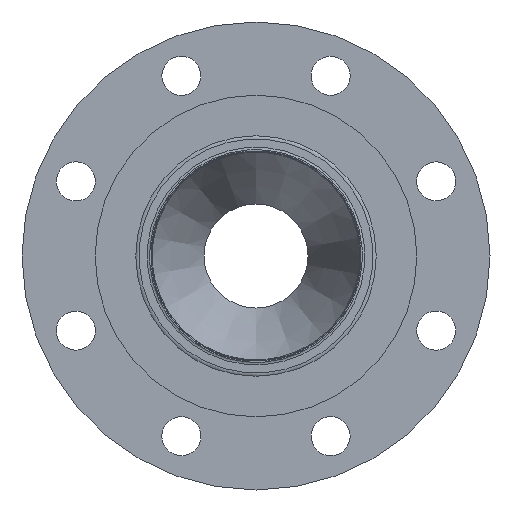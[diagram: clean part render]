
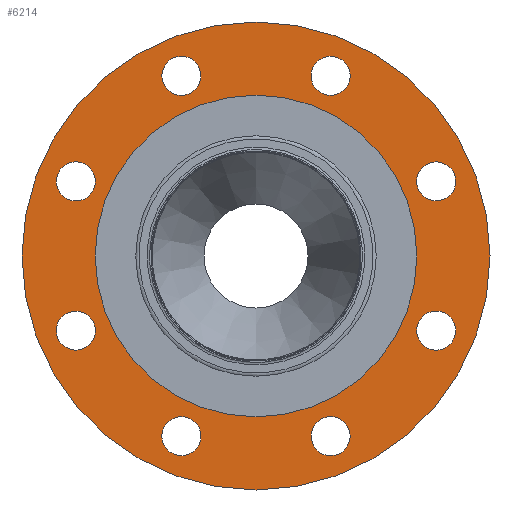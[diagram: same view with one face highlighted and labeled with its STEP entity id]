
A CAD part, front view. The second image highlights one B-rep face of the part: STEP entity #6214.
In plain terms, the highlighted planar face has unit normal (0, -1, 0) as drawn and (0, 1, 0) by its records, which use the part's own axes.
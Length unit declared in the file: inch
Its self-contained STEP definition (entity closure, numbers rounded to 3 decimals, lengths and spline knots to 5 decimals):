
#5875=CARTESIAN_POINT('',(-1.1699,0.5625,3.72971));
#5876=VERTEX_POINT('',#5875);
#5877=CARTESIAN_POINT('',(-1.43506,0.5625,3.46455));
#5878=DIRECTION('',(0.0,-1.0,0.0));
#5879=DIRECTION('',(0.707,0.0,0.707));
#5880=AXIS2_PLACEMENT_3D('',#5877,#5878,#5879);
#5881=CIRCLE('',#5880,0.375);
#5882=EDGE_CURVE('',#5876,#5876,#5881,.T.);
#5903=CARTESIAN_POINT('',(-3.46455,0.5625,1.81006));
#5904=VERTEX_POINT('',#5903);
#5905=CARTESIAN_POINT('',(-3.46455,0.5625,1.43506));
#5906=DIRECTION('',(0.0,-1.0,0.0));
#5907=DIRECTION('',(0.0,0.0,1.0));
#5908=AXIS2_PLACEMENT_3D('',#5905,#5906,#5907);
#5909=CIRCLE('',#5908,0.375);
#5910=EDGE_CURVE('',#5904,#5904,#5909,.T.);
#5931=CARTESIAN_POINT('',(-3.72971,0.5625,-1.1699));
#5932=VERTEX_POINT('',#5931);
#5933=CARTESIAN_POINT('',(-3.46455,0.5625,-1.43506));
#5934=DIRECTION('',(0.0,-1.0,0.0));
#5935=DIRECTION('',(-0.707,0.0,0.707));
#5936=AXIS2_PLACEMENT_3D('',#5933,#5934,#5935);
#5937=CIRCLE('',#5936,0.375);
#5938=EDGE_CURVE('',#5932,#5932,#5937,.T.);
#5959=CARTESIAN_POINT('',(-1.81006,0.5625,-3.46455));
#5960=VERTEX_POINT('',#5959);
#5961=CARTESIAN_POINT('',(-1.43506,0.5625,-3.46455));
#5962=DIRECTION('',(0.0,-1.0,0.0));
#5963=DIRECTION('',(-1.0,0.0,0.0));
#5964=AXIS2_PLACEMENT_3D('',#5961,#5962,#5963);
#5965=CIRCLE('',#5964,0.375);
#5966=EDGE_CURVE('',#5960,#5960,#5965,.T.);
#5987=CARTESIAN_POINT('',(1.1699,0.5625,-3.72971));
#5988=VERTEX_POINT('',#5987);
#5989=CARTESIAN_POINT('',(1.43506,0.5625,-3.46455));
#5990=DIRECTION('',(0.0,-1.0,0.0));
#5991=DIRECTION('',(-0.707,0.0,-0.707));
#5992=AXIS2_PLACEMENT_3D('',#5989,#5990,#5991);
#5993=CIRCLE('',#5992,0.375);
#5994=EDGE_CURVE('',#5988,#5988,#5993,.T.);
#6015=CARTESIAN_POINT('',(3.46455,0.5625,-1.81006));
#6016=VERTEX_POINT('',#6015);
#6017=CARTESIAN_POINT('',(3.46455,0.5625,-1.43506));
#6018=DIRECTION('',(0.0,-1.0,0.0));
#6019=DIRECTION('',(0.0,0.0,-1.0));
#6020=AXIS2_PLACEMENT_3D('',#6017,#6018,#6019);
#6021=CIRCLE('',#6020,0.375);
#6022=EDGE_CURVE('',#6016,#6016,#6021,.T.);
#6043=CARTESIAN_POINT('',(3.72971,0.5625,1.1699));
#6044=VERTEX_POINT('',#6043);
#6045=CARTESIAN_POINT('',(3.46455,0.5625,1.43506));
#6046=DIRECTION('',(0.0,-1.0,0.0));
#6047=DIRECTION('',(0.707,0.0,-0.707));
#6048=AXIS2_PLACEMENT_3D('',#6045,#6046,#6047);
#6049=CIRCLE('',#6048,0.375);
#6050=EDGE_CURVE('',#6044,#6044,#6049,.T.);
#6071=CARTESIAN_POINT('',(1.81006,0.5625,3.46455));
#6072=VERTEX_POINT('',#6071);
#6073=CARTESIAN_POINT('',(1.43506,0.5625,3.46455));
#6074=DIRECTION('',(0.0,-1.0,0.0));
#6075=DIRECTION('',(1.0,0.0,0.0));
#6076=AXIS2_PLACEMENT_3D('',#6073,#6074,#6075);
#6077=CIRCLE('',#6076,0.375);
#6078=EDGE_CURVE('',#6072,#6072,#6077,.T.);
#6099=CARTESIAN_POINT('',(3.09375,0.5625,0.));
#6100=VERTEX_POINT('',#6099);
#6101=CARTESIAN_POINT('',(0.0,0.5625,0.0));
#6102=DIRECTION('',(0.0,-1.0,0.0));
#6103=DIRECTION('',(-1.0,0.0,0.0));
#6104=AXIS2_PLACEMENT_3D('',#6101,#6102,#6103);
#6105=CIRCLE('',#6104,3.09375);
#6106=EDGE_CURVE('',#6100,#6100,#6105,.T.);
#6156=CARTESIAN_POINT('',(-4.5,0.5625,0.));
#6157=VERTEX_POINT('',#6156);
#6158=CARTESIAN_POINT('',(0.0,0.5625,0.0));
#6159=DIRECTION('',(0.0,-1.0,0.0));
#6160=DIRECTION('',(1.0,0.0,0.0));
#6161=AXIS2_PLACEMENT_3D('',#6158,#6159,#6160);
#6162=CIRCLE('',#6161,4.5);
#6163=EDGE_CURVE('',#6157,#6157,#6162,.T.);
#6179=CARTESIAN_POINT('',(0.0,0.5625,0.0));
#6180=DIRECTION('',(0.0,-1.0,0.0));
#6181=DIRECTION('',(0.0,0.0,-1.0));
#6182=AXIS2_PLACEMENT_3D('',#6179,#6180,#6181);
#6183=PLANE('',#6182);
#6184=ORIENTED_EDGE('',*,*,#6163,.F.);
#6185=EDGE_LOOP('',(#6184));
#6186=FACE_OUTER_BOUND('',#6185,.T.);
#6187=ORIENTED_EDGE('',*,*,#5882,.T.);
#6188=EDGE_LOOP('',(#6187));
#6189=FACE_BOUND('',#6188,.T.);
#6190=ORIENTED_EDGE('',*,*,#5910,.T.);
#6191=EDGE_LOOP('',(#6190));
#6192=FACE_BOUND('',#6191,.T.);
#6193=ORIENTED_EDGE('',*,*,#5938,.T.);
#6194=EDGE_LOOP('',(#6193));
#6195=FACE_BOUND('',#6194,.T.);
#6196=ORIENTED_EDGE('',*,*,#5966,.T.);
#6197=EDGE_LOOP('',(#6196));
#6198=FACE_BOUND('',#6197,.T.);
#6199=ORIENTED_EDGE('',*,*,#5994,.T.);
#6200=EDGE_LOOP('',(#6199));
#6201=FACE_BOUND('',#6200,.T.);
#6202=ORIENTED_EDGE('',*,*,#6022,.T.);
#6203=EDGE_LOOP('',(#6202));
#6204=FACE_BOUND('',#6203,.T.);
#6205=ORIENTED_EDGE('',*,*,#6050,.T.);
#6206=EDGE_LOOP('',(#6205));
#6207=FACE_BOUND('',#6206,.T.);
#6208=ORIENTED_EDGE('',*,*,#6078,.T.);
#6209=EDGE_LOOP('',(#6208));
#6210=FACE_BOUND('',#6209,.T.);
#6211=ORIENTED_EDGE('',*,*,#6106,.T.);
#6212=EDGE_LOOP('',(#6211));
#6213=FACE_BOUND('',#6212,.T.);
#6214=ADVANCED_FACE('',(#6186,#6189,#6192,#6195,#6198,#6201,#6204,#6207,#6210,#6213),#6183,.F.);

----

AIM OF THE EXERCISE: Print the data above from its first line through the line that has "A CAD part, front", exactly and with nothing else, omitting pictures.

ANSWER TO THE PROBLEM:
[diagram: clean part render]
[diagram: same view with one face highlighted and labeled with its STEP entity id]
A CAD part, front view. The second image highlights one B-rep face of the part: STEP entity #6214.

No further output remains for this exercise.